Wilson Online Reference
Conisbee 1976
Author
Philip Conisbee
Title/Description
Claude-Joseph Vernet 1714-1789
Publisher
Greater London Council
Country
London, UK
Date of Publication
1976
Printed/Manuscript
Secondary published
Source Institution
The Iveagh Bequest, Kenwood
Document Inventory/Accession No
ISBN 07168 0818 8
More Information
Catalogue of eponymous exhibition held at Kenwood House, Hampstead, 4 June-19 September 1976 and a version shown at the Musée de la Marine, Palais de Chaillot, Paris, 14 October 1976-9 January 1977. 103 pp. [unpaginated] with monochrome illustrations. Introduction by Philip Conisbee. Price £1.60. No works by Wilson were exhibited but Vernet's influence on him is discussed briefly.
Full Text
Conisbee noted that 'In general it is among the painters of Vernet's own time that we should look for his direct inspiration. Painters such as Andrea Locatelli (1693/5-1741) or Jan Frans van Bloemen, called Orizzonte (1662-1749) [Van Bloemen], to take only two examples, were already supplying both Italian patrons and tourists of all nationalities with their arcadian visions, based on the Italian scene'. 'It is generally accepted that Vernet met Richard Wilson in Rome in 1752 and encouraged him to become a landscape painter, perhaps confirming advice already received from Francesco Zuccarelli in Venice. One very Vernet-like marine painting by Wilson has already come to light [P157?], but in general his technique is more oily and his observations less precisely rendered than those of Vernet.

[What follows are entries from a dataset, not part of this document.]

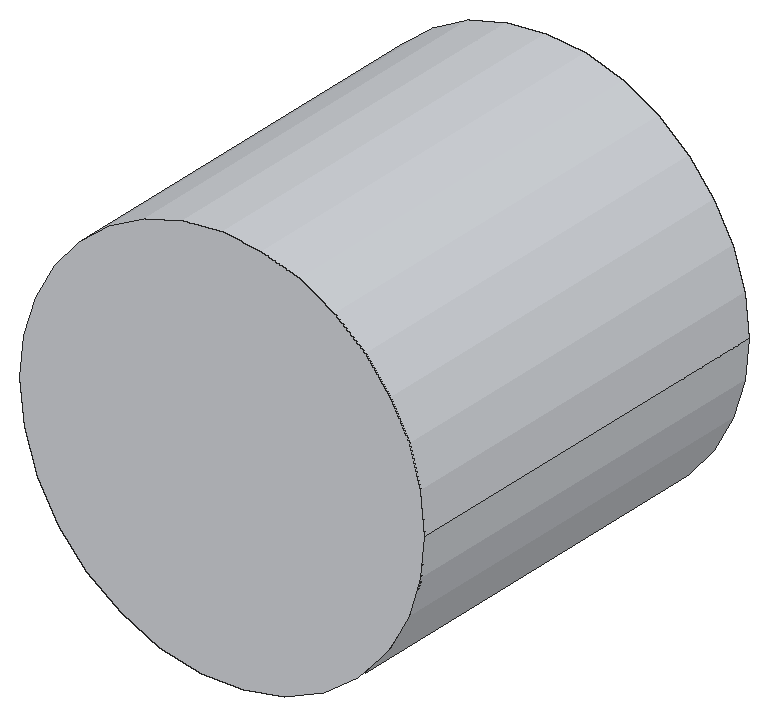
Revit family "IDP_Plumbing Fixtures_OUT301-COLD WATER OUTLET", category Plumbing Fixtures, Revit 2026
Family settings
  Round Connector Dimension = Use Diameter
  Part Type = Normal
  Work Plane-Based = No
  Enable Cutting in Views = Yes
  Always vertical = Yes
  Cut with Voids When Loaded = No
  Maintain Annotation Orientation = No
  Shared = Yes
  Room Calculation Point = Yes
Parameters (values of type "OUT301")
  Uniclass2015_Pr = "Pr_70_55_98_85 : Stand pipe outlets"
  SFG20 = ""
  NRM3 = ""
  NRM1 = ""
  Keynote = ""
  Description = "COLD WATER OUTLET"
  Default Elevation = 0 mm
  ADBUserData1 = "R1"
  ADBGroup = "1"
  ADBDescription = "OUTLET, cold water for equipment"
  ADBCode = "OUT301"
Reference planes
  plane 1 "Center (Front/Back)": y = 0
  plane 2: z = 0
  plane 3 "Center (Left/Right)": x = 0
Forms (mm)
  Extrusion 1, solid
    sketch origin (0, 0, 0) x (1, 0, 0) y (0, 0, 1)
      loop
        circle (0, 0) r 5
    from -10 to 0
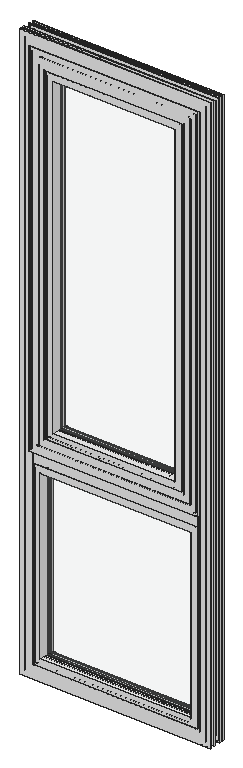
Revit family "Serene_T&T_Window_D_Standard", category Windows, host Wall, Revit 2014
Parameters (values of type "52TT-0618S-2000Pa")
  Windload Design = if(Custom Windload < 1001 mm, 1000 mm, if(Custom Windload < 1501 mm, 1500 mm, 2000 mm))  # 2000 mm
  Width Sash [instance] = 522 mm
  Width = if(Custom Window Width > Limit Window Width Max, Limit Window Width Max, if(Custom Window Width < Limit Window Width Min, Limit Window Width Min, Custom Window Width))  # 590 mm
  Wall Thickness [instance] = 200 mm
  URL = "http://www.crealco.co.za/crealco-products.php"
  Thermal Resistance (R) [instance] = if(IGDB or SAGDB Number = 1000015, 1.0000 (m²·K)/W / Clearvue U Value, if(IGDB or SAGDB Number = 9922, 1.0000 (m²·K)/W / Energy Advantage U Value, if(IGDB or SAGDB Number = 100100, 1.0000 (m²·K)/W / Intruderprufe U Value, if(IGDB or SAGDB Number = 103200, 1.0000 (m²·K)/W / Intruderprufe LowE U Value, if(IGDB or SAGDB Number = 105001, 1.0000 (m²·K)/W / Clearvue Insulated U Value, if(IGDB or SAGDB Number = 105002, 1.0000 (m²·K)/W / Clearvue Insulated LowE U Value, 1.0000 (m²·K)/W / 7.9)))))) * 1  # 0.126582 (m²·K)/W
  Solar Heat Gain Coefficient [instance] = if(IGDB or SAGDB Number = 1000015, Clearvue SHGC Value, if(IGDB or SAGDB Number = 9922, Energy Advantage SHGC Value, if(IGDB or SAGDB Number = 100100, Intruderprufe SHGC Value, if(IGDB or SAGDB Number = 103200, Intruderprufe LowE SHGC Value, if(IGDB or SAGDB Number = 105001, Clearvue Insulated SHGC Value, if(IGDB or SAGDB Number = 105002, Clearvue Insulated LowE SHGC Value, 0))))))  # 0
  Sash Width = Width - (2 * Sash Edge Gap)  # 522 mm
  Sash Frame Gasket = 3.4 mm  # constant formula
  Sash Edge Gap = 34 mm  # constant formula
  Overall Width [instance] = 590 mm
  Overall Height [instance] = 1790 mm
  Max System DG Unit Thickness = 20 mm  # constant formula
  Max System DG One Piece Thickness = rounddown((Max System DG Unit Thickness - 12 mm) / 2 mm) * 1 mm  # 4 mm
  Max Pane Area = if(Area Glazing Sash > Area Glazing Fixed Panel, Area Glazing Sash, Area Glazing Fixed Panel)  # 0.430707 m²
  Limit Fixed Panel Height Min = 200 mm  # constant formula
  Limit Fixed Panel Height Max = 1800 mm  # constant formula
  Length Transom = Width - (2 * 40 mm)  # 510 mm
  Intruderprufe U Value = 6.22
  Intruderprufe SHGC Value = 0.477
  Intruderprufe LowE U Value = 4.62
  Intruderprufe LowE SHGC Value = 0.423
  IGDB or SAGDB Number [instance] = 0
  Height Sash [instance] = 1122 mm
  Height = if(Custom Window Height > Limit Window Height Max, Limit Window Height Max, if(Custom Window Height < Limit Window Height Min, Limit Window Height Min, Custom Window Height))  # 1790 mm
  Heat Transfer Coefficient (U) [instance] = if(IGDB or SAGDB Number = 1000015, Clearvue U Value, if(IGDB or SAGDB Number = 9922, Energy Advantage U Value, if(IGDB or SAGDB Number = 100100, Intruderprufe U Value, if(IGDB or SAGDB Number = 103200, Intruderprufe LowE U Value, if(IGDB or SAGDB Number = 105001, Clearvue Insulated U Value, if(IGDB or SAGDB Number = 105002, Clearvue Insulated LowE U Value, 7.9)))))) * 1.0000 W/(m²·K)  # 7.9000 W/(m²·K)
  Glazing Material [instance] = if(IGDB or SAGDB Number = 1000015, "PFG CLEARVUE 4mm", if(IGDB or SAGDB Number = 9922, "PFG ENERGY ADVANTAGE 4mm LOW-E", if(IGDB or SAGDB Number = 100100, "PFG INTRUDERPRUFE 6.38mm", if(IGDB or SAGDB Number = 103200, "PFG INTRUDERPRUFE LOW-E 7.38mm", if(IGDB or SAGDB Number = 105001, "PFG 20mm CLEARVUE INSULATED GLASS", if(IGDB or SAGDB Number = 105002, "PFG 20mm CLEARVUE INSULATED GLASS LOW-E", "Unknown"))))))  # "Unknown"
  Glazing Code [instance] = if(IGDB or SAGDB Number = 1000015, "CF4", if(IGDB or SAGDB Number = 9922, "CF4E", if(IGDB or SAGDB Number = 100100, "LAM01", if(IGDB or SAGDB Number = 103200, "LAM01E", if(IGDB or SAGDB Number = 105001, "IGU20", if(IGDB or SAGDB Number = 105002, "IGU20E", "Unknown"))))))  # "Unknown"
  Frame Thickness = 52 mm  # constant formula
  Frame Offset From Exterior [instance] = if(Centered In Wall, (Wall Thickness - Frame Thickness) / 2, Custom Window Exterior Offset)  # 74 mm
  Fixed Panel Width = Width - (2 mm * 40)  # 510 mm
  Fixed Panel Height = Height - Sash Height - Sash Edge Gap - 33.6 mm - 40 mm  # 560.4 mm
  Energy Advantage U Value = 5.44
  Energy Advantage SHGC Value = 0.463
  DG Thickness Calc = if(not(Max Pane Area > 1.125 m²), 4 mm, if(not(Max Pane Area > 2.25 m²), 4 mm, if(not(Max Pane Area > 3.15 m²), 5 mm, if(not(Max Pane Area > 4.35 m²), 6 mm, if(not(Max Pane Area > 6.45 m²), 8 mm, 10 mm)))))  # 4 mm
  DG Thickness [instance] = if(IGDB or SAGDB Number = 105001, 4 mm, if(IGDB or SAGDB Number = 105002, 4 mm, if(DG Thickness Calc > Max System DG One Piece Thickness, Max System DG One Piece Thickness, DG Thickness Calc)))  # 4 mm
  DG Gasket Thickness = 12 mm  # constant formula
  Custom Window Width = 590 mm
  Custom Window Height = 1790 mm
  Custom Window Exterior Offset = 0 mm
  Custom Windload = 2000 mm
  Custom Sash Height = 1122 mm
  Sash Height = if(Custom Sash Height < Limit Sash Height Min, Limit Sash Height Min, if(Custom Sash Height > Limit Sash Height Max, Limit Sash Height Max, Custom Sash Height))  # 1122 mm
  Single Glazing [instance] = not(Double Glazing)  # yes
  SG Thickness [instance] = if(IGDB or SAGDB Number = 1000015, 4 mm, if(IGDB or SAGDB Number = 9922, 4 mm, if(IGDB or SAGDB Number = 100100, 6 mm, if(IGDB or SAGDB Number = 103200, 7 mm, if(not(Max Pane Area > 0.75 m²), 4 mm, if(not(Max Pane Area > 1.50 m²), 4 mm, if(not(Max Pane Area > 2.10 m²), 5 mm, if(not(Max Pane Area > 2.90 m²), 6.4 mm, if(not(Max Pane Area > 4.30 m²), 8 mm, 10 mm)))))))))  # 4 mm
  Model = "Serene"  # constant formula
  Manufacturer = "Crealco"  # constant formula
  Limit Window Width Min = Limit Sash Width Min + (2 * Sash Edge Gap)  # 368 mm
  Limit Window Width Max = Limit Sash Width Max + (2 * Sash Edge Gap)  # 768 mm
  Limit Window Height Min = Sash Edge Gap + Sash Height + 33.6 mm + Limit Fixed Panel Height Min + 40 mm  # 1429.6 mm
  Limit Window Height Max = Sash Edge Gap + Sash Height + 33.6 mm + Limit Fixed Panel Height Max + 40 mm  # 3029.6 mm
  Limit Sash Width Min = 300 mm  # constant formula
  Limit Sash Width Max = 700 mm  # constant formula
  Limit Sash Height Min = 300 mm  # constant formula
  Limit Sash Height Max = 1500 mm  # constant formula
  Glazing Finish [instance] = Glass
  Double Glazing [instance] = no
  Description = "Tilt and turn window, Type D"  # constant formula
  Default Sill Height = 800 mm
  Wall Closure = By host
  DG Gasket Finish = Double Glazing Gasket Material
  Clearvue U Value = 6.33
  Clearvue SHGC Value = 0.515
  Clearvue Insulated U Value = 4.46
  Clearvue Insulated SHGC Value = 0.458
  Clearvue Insulated LowE U Value = 4.04
  Clearvue Insulated LowE SHGC Value = 0.418
  Centered In Wall [instance] = yes
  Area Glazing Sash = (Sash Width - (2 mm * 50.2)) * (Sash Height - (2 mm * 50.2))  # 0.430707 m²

But some lost views of Rome painted by Vernet for John Bouverie in 1745, and two lost or destroyed pictures of Tivoli and Ariccia painted in 1752 for Sir William Lowther, whom Wilson knew, might have offered clues to their artistic relationship.' 'Let us observe in passing that Joseph Henry of Straffan [Henry]. a Vernet patron of 1752, also purchased a pair of interesting landscapes by Wilson, the one showing an artist at work before nature at Tivoli [P44], the other showing the artist and his assistant proceeding homewards with the easel and a very large canvas [P45].' 'But Vernet's real influence was perhaps less an immediately visual one and rather more oblique. Not only did he encourage a painter like Wilson, but his own success must have demonstrated the viabiity of the landscape profession in the middle years of the eighteenth century [ ...]' 'In 1765 a potential patron had demanded sketches (esquisses) for the approval of a friend. Vernet replied, "I am not used to making sketches for my pictures, and I have never done so. My practice is to compose on the canvas the picture I shall do, and to paint it right away, to profit from the warmth of my imagination. Moreover, the size helps me to see at a glance what I should put in, and I can compose accordingly"' (n. 45: L. Lagrange, Les Vernet, 1864, p. 179, letter to Girardot de Marigny, 6 May 1765).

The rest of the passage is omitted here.